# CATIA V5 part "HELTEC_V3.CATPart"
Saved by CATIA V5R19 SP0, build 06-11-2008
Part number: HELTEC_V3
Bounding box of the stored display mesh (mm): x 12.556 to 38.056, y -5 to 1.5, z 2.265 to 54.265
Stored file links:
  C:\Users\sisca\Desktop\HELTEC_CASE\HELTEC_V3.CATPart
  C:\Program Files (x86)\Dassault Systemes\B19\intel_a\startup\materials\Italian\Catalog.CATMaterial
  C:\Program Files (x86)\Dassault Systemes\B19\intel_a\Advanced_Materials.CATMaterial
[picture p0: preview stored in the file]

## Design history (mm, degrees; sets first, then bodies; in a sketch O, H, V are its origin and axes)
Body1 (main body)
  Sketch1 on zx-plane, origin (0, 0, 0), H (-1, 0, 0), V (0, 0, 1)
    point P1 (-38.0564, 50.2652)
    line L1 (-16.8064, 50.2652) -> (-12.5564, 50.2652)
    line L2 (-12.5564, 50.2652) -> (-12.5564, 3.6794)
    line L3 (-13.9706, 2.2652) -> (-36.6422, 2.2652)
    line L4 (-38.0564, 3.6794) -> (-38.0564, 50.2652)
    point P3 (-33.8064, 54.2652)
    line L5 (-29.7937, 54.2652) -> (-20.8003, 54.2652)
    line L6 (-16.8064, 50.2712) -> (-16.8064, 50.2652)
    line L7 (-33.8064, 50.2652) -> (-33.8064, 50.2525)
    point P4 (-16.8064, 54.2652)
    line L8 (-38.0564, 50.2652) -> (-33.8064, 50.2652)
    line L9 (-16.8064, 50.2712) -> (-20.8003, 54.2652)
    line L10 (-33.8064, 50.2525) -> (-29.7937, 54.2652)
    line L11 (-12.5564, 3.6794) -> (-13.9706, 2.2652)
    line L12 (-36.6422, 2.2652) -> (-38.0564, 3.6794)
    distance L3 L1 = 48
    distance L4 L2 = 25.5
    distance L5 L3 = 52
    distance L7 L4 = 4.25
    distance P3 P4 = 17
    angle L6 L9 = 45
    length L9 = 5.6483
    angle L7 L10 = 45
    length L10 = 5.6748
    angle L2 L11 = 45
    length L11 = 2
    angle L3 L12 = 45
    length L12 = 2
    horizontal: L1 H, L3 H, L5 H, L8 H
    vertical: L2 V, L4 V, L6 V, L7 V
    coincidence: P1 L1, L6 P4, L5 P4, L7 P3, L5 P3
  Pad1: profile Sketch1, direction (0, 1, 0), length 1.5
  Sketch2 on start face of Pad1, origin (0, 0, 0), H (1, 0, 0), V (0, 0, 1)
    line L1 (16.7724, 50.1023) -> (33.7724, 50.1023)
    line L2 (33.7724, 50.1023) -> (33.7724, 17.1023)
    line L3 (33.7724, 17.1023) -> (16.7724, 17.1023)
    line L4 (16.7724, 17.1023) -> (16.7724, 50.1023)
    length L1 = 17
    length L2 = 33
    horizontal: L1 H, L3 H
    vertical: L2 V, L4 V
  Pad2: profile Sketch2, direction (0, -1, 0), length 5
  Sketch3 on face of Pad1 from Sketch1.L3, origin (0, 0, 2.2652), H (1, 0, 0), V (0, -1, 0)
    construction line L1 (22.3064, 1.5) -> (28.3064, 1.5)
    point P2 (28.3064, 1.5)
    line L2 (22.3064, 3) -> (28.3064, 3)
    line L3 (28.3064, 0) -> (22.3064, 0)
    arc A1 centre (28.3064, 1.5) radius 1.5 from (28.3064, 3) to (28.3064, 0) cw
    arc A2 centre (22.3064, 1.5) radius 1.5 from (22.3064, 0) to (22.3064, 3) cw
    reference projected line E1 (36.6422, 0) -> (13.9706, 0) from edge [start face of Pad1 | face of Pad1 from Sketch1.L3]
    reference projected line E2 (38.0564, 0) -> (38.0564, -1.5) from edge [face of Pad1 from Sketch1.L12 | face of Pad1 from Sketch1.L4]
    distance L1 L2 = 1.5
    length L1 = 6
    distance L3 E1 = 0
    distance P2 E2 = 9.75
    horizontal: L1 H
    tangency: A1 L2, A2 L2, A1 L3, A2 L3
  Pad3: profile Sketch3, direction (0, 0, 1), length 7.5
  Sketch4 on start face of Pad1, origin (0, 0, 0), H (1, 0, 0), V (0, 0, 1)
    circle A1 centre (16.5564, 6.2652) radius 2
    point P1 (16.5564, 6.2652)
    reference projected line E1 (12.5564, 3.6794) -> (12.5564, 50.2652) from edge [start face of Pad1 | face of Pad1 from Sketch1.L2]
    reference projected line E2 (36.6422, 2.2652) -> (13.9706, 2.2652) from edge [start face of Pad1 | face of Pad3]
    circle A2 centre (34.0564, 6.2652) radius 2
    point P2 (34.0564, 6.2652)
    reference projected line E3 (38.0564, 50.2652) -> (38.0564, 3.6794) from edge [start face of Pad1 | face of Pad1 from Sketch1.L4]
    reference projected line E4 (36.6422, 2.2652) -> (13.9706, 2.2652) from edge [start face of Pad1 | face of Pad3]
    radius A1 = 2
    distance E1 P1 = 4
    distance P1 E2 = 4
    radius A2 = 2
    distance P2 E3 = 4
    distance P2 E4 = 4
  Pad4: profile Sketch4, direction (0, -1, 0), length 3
▬▬▬▬▬▬▬▬▬▬
» WHAT YOU WILL DO
For each record above, output it exactly as written.

» RESPONSE TO THE EXERCISE
# CATIA V5 part "HELTEC_V3.CATPart"
Saved by CATIA V5R19 SP0, build 06-11-2008
Part number: HELTEC_V3
Bounding box of the stored display mesh (mm): x 12.556 to 38.056, y -5 to 1.5, z 2.265 to 54.265
Stored file links:
  C:\Users\sisca\Desktop\HELTEC_CASE\HELTEC_V3.CATPart
  C:\Program Files (x86)\Dassault Systemes\B19\intel_a\startup\materials\Italian\Catalog.CATMaterial
  C:\Program Files (x86)\Dassault Systemes\B19\intel_a\Advanced_Materials.CATMaterial
[picture p0: preview stored in the file]

## Design history (mm, degrees; sets first, then bodies; in a sketch O, H, V are its origin and axes)
Body1 (main body)
  Sketch1 on zx-plane, origin (0, 0, 0), H (-1, 0, 0), V (0, 0, 1)
    point P1 (-38.0564, 50.2652)
    line L1 (-16.8064, 50.2652) -> (-12.5564, 50.2652)
    line L2 (-12.5564, 50.2652) -> (-12.5564, 3.6794)
    line L3 (-13.9706, 2.2652) -> (-36.6422, 2.2652)
    line L4 (-38.0564, 3.6794) -> (-38.0564, 50.2652)
    point P3 (-33.8064, 54.2652)
    line L5 (-29.7937, 54.2652) -> (-20.8003, 54.2652)
    line L6 (-16.8064, 50.2712) -> (-16.8064, 50.2652)
    line L7 (-33.8064, 50.2652) -> (-33.8064, 50.2525)
    point P4 (-16.8064, 54.2652)
    line L8 (-38.0564, 50.2652) -> (-33.8064, 50.2652)
    line L9 (-16.8064, 50.2712) -> (-20.8003, 54.2652)
    line L10 (-33.8064, 50.2525) -> (-29.7937, 54.2652)
    line L11 (-12.5564, 3.6794) -> (-13.9706, 2.2652)
    line L12 (-36.6422, 2.2652) -> (-38.0564, 3.6794)
    distance L3 L1 = 48
    distance L4 L2 = 25.5
    distance L5 L3 = 52
    distance L7 L4 = 4.25
    distance P3 P4 = 17
    angle L6 L9 = 45
    length L9 = 5.6483
    angle L7 L10 = 45
    length L10 = 5.6748
    angle L2 L11 = 45
    length L11 = 2
    angle L3 L12 = 45
    length L12 = 2
    horizontal: L1 H, L3 H, L5 H, L8 H
    vertical: L2 V, L4 V, L6 V, L7 V
    coincidence: P1 L1, L6 P4, L5 P4, L7 P3, L5 P3
  Pad1: profile Sketch1, direction (0, 1, 0), length 1.5
  Sketch2 on start face of Pad1, origin (0, 0, 0), H (1, 0, 0), V (0, 0, 1)
    line L1 (16.7724, 50.1023) -> (33.7724, 50.1023)
    line L2 (33.7724, 50.1023) -> (33.7724, 17.1023)
    line L3 (33.7724, 17.1023) -> (16.7724, 17.1023)
    line L4 (16.7724, 17.1023) -> (16.7724, 50.1023)
    length L1 = 17
    length L2 = 33
    horizontal: L1 H, L3 H
    vertical: L2 V, L4 V
  Pad2: profile Sketch2, direction (0, -1, 0), length 5
  Sketch3 on face of Pad1 from Sketch1.L3, origin (0, 0, 2.2652), H (1, 0, 0), V (0, -1, 0)
    construction line L1 (22.3064, 1.5) -> (28.3064, 1.5)
    point P2 (28.3064, 1.5)
    line L2 (22.3064, 3) -> (28.3064, 3)
    line L3 (28.3064, 0) -> (22.3064, 0)
    arc A1 centre (28.3064, 1.5) radius 1.5 from (28.3064, 3) to (28.3064, 0) cw
    arc A2 centre (22.3064, 1.5) radius 1.5 from (22.3064, 0) to (22.3064, 3) cw
    reference projected line E1 (36.6422, 0) -> (13.9706, 0) from edge [start face of Pad1 | face of Pad1 from Sketch1.L3]
    reference projected line E2 (38.0564, 0) -> (38.0564, -1.5) from edge [face of Pad1 from Sketch1.L12 | face of Pad1 from Sketch1.L4]
    distance L1 L2 = 1.5
    length L1 = 6
    distance L3 E1 = 0
    distance P2 E2 = 9.75
    horizontal: L1 H
    tangency: A1 L2, A2 L2, A1 L3, A2 L3
  Pad3: profile Sketch3, direction (0, 0, 1), length 7.5
  Sketch4 on start face of Pad1, origin (0, 0, 0), H (1, 0, 0), V (0, 0, 1)
    circle A1 centre (16.5564, 6.2652) radius 2
    point P1 (16.5564, 6.2652)
    reference projected line E1 (12.5564, 3.6794) -> (12.5564, 50.2652) from edge [start face of Pad1 | face of Pad1 from Sketch1.L2]
    reference projected line E2 (36.6422, 2.2652) -> (13.9706, 2.2652) from edge [start face of Pad1 | face of Pad3]
    circle A2 centre (34.0564, 6.2652) radius 2
    point P2 (34.0564, 6.2652)
    reference projected line E3 (38.0564, 50.2652) -> (38.0564, 3.6794) from edge [start face of Pad1 | face of Pad1 from Sketch1.L4]
    reference projected line E4 (36.6422, 2.2652) -> (13.9706, 2.2652) from edge [start face of Pad1 | face of Pad3]
    radius A1 = 2
    distance E1 P1 = 4
    distance P1 E2 = 4
    radius A2 = 2
    distance P2 E3 = 4
    distance P2 E4 = 4
  Pad4: profile Sketch4, direction (0, -1, 0), length 3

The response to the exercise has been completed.